Strategic Planning for Energy and the Environment ◽

10.13052/spee1048-4236.39146 ◽

2021 ◽

Author(s):

Parakram Pyakurel ◽

Filipe Quintal ◽

James Auger ◽

Julian Hanna

Keyword(s):

Co2 Emissions ◽

Electric Vehicles ◽

Power Plants ◽

Fossil Fuels ◽

Fossil Fuel ◽

Thermal Power ◽

Primary Source ◽

Electricity Production ◽

Thermal Power Plants ◽

Electrical Demand

One method of reducing atmospheric CO2 emissions in the transportation sector is the replacement of conventional fossil fuel-based vehicles with Electric Vehicles (EVs). However, fossil fuels are still the primary source of electricity production in many regions and the utilization of EVs in such regions increases the electricity demand because of battery charging. This results in increased burning of fossil fuels by thermal power plants and therefore can offset savings in CO2 emissions resulting from the adoption of EVs.

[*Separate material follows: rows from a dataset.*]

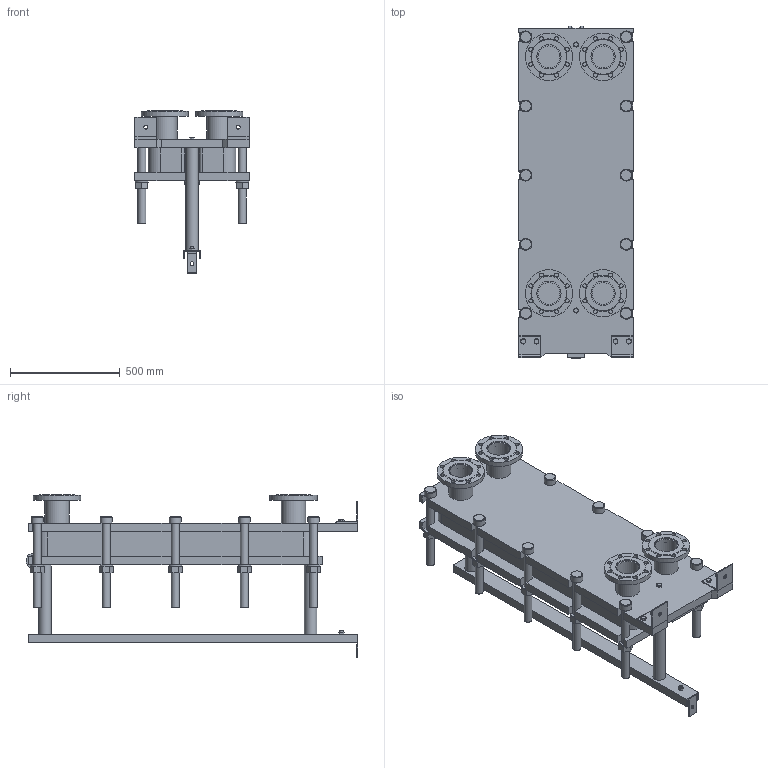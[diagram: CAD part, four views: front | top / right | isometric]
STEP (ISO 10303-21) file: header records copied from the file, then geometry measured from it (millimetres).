
FILE_DESCRIPTION(/* description */ (''),/* implementation_level */ '2;1');
FILE_NAME(/* name */ 'C:\Users\zhuro\Desktop\ENCO\TO\ЭН-04\ЭН-0,5-04-32-1.stp',/* time_stamp */ '2022-06-06T10:46:46+03:00',/* author */ ('zhuro'),/* organization */ (''),/* preprocessor_version */ 'ST-DEVELOPER v18.1',/* originating_system */ 'Autodesk Inventor 2022',/* authorisation */ '');
FILE_SCHEMA (('AUTOMOTIVE_DESIGN { 1 0 10303 214 3 1 1 }'));
Length unit declared in the file: millimetre
Products named in the file (1): ЭН-0,5-04-32-1
Bounding box: 520 x 1510 x 741 mm (x, y, z)
Volume: 122718370.4 mm3; surface area: 6859935.5 mm2
Topology: 45 solids, 45 shells, 668 faces, 1611 edges, 1048 vertices
Faces by surface type: plane 457, cylinder 166, cone 39, torus 6
Full cylindrical faces by diameter (mm): 8 x4, 10 x2, 16 x8, 18 x35, 36 x25, 40 x2, 42 x1, 45 x4, 54 x10, 57 x2, 60 x10, 68 x2, 100 x4, 110 x8, 215 x4
Entity records: 23607 total; most frequent: CARTESIAN_POINT 7348, DIRECTION 3371, ORIENTED_EDGE 3142, EDGE_CURVE 1571, AXIS2_PLACEMENT_3D 1199, VERTEX_POINT 1044, LINE 973, VECTOR 973

In this paper, we consider a scenario where all fossil fuel-based conventional vehicles are replaced by EVs and then estimate the net CO2 emission savings resulting from the adoption of EVs in a region where electricity is primarily supplied by thermal plants. Only emissions generated during the operational phase of vehicle use are considered; emissions during the production phase are not considered. The region under consideration is Madeira, Portugal where thermal plants account for 80% of the total electricity produced. Our findings suggest that although EVs have huge potential to save CO2 emissions, a substantial amount of the savings can be offset due to the increased burning of fossil fuels by thermal plants to meet the electrical demand of charging batteries.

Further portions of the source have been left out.